A common consequence of this mental tossing and turning is the dreaded ‘cup final dream.’ The cup final dream rarely imprints any imagined events from the actual match onto your subconscious. Your conscious is busy enough wrestling with those demons. No, the cup final dream instead manufactures increasingly ridiculous scenarios that see you miss the match altogether. Things always start inconspicuously enough, you’re on your way to the match in good time and then, “OH NO! HOW DID I NOT NOTICE THAT MY TICKETS ARE MADE OF HAM?!” Or your train scheduled to arrive at Wembley Park at 3.30pm has inexplicably taken you to Didcot Parkway and now there are only 5 minutes until kickoff. And to top it all off, “OH NO! IT TURNS OUT THAT MY TROUSERS ARE ACTUALLY MADE OF HAM!”
There is always a sense of carnival as you take the walk down Wembley Way towards the turnstiles, the hue of each team’s colours filtering the lens through which you glimpse the stadium in the distance. The backdrop of foghorns adds to the feeling of sea sickness as you approach the stadium. I have always felt apart from the party vibe, every time I fail to soak it in. I am just too anxious, too concentrated on getting to my seat and getting the whole ordeal over with. That’s the thing that nobody ever tells you about cup final day, there is so little about it that you actively enjoy.
Wembley have gone out of their way to add to the angst with their inexplicably loud public address system beating your ears to death with Maroon 5 and Katy Perry. They seem intent on drowning out any prospect of an organically sourced atmosphere, which can be very comforting to draw on. The idea that every Arsenal fan is in the trenches with you, each suffering their own demons. The occasion turns sensible, rational people into borderline lunatics. I have a friend who admitted that, during last year’s Cup Final, he forged a ritual that involved him putting his face into his shirt and spitting on his torso.

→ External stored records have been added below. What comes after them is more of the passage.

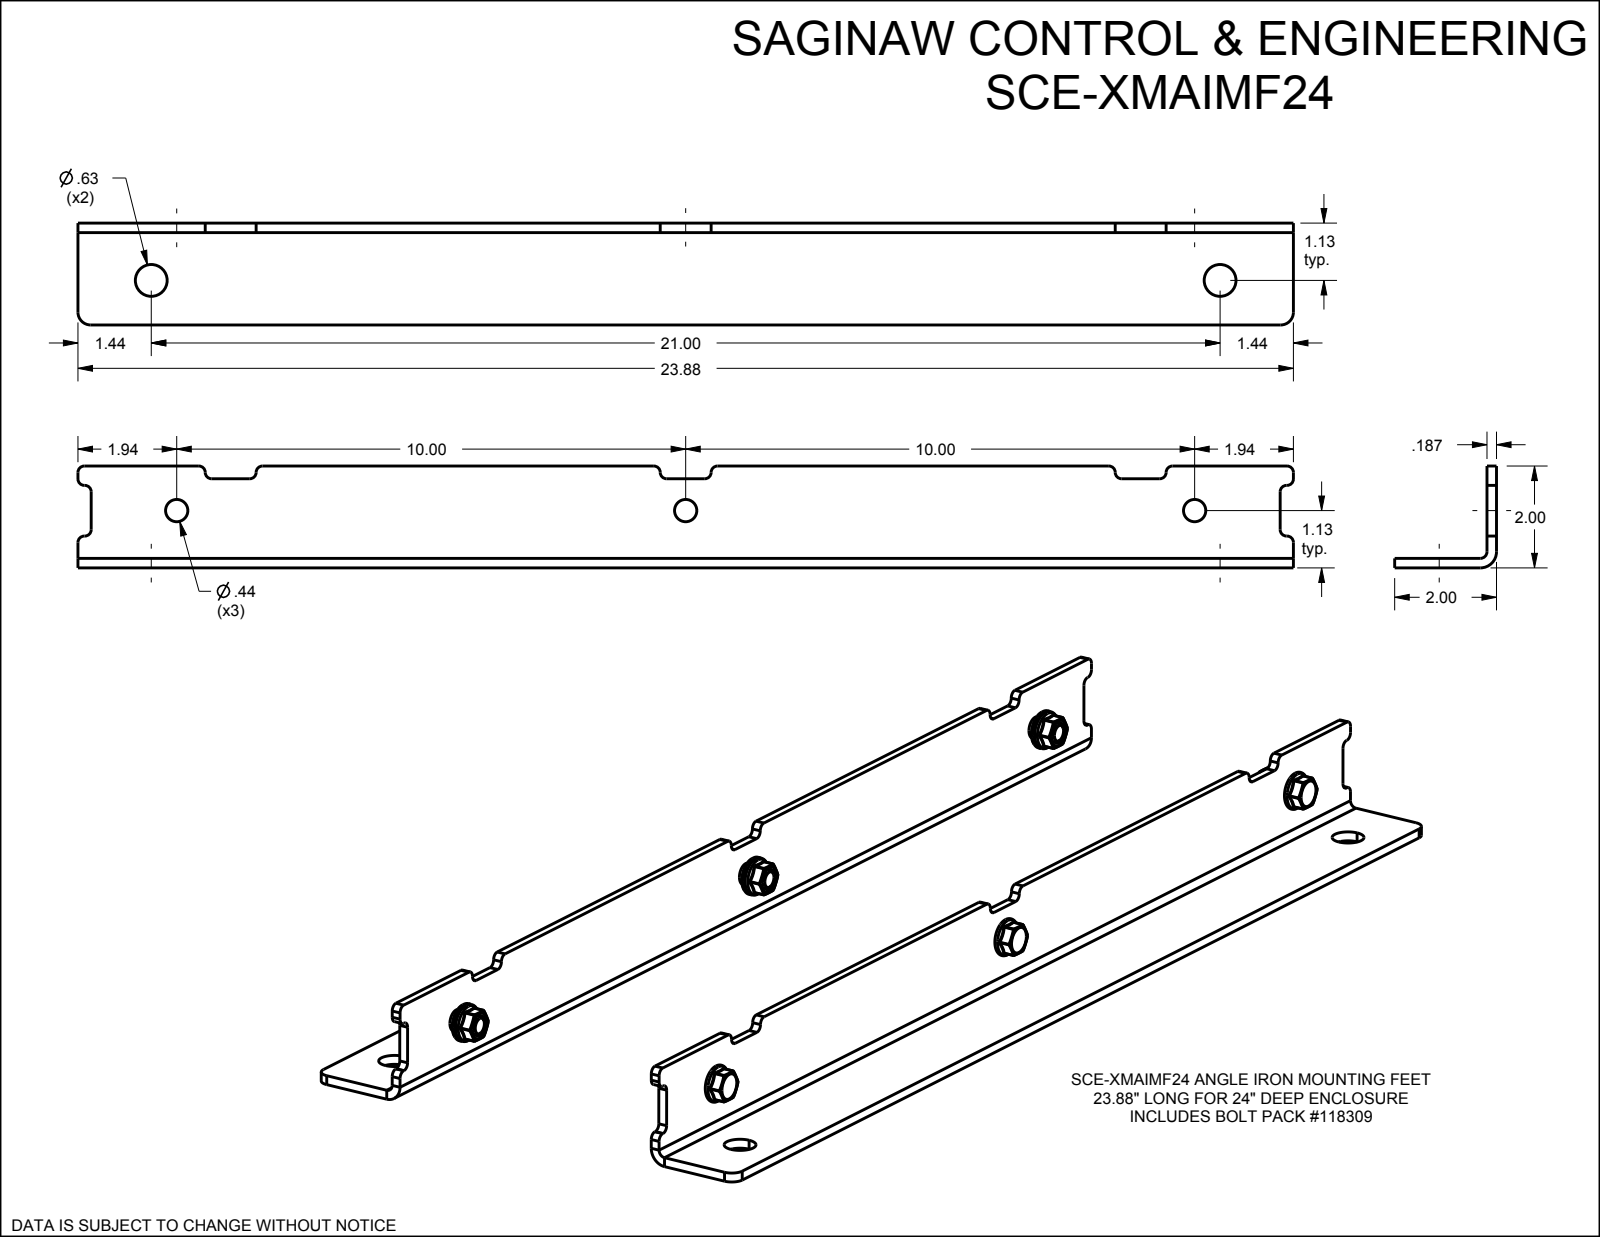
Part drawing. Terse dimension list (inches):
name: SCE-XMAIMF24
written by: SolidWorks 2019 (CONFIG_CONTROL_DESIGN)
unit: in
bodies: 20 solids, 682 faces (170 planar, 170 cylindrical, 342 other)
size: 23.875 × 10 × 2
volume: 33.94 in³; area: 398.1 in²
holes: 4× ⌀0.625, 3× ⌀0.367, 3× ⌀0.4, 3× ⌀0.43, 3× ⌀0.437
bosses: 3× ⌀0.75, 3× ⌀0.7, 3× ⌀0.373
rounds: 30× R0.01, 28× R0.125, 4× R0.25, 2× R0.13, 2× R0.317
face distances: 0.187, 6.187, 6.374, 6, 1.813, 2, 8, 8.187, 10.001, 2.223
hole spacings: 8.25, 10, 20.995, 22.558, 9.995, 9.997, 9.998, 10.003

He is not a remotely superstitious individual, but the helplessness of it all made him want to feel as though he was doing ‘something’ to try and avert the tide as Hull raced into a two goal lead. No matter how many cup finals you experience, your stomach will spend the entirety of the match in an acidic knot. Every opposition attack is a certain goal in your mind, every misplaced Arsenal pass a personal affront. Knuckles will be gnawed, seats kicked and words that would make a navy seal blush will be yelled at volume. The cup final is a knife edge because you know that there is no median result, it will be utter delirium or total depression and nothing in between.
One of football’s great tragedies is that the emotional mincer of the cup final is a necessary prerequisite to winning trophies. Can’t it just be decided by twitter poll? Arsenal would never lose … the payoff is that you always want to be involved in them, despite the unbearable stress they invite. When you watch the cup final and your team is not involved, you wish more than anything that they were. This is what makes the experience so rewarding when you are a part of it, you know that everybody watching at home is making envious eyes at their television screens.
I will not enjoy Saturday in any serious way. I will bristle at Wembley’s horrendous sound system, I will be nervous, irritable and terrified for much of the day. ‘Abide With Me’ will be a very apt hymn for those that accompany me. I know there is at least a half decent chance it will all end in unfathomable misery too. But ultimately, there is no place I’d rather be come 5.30pm on Saturday.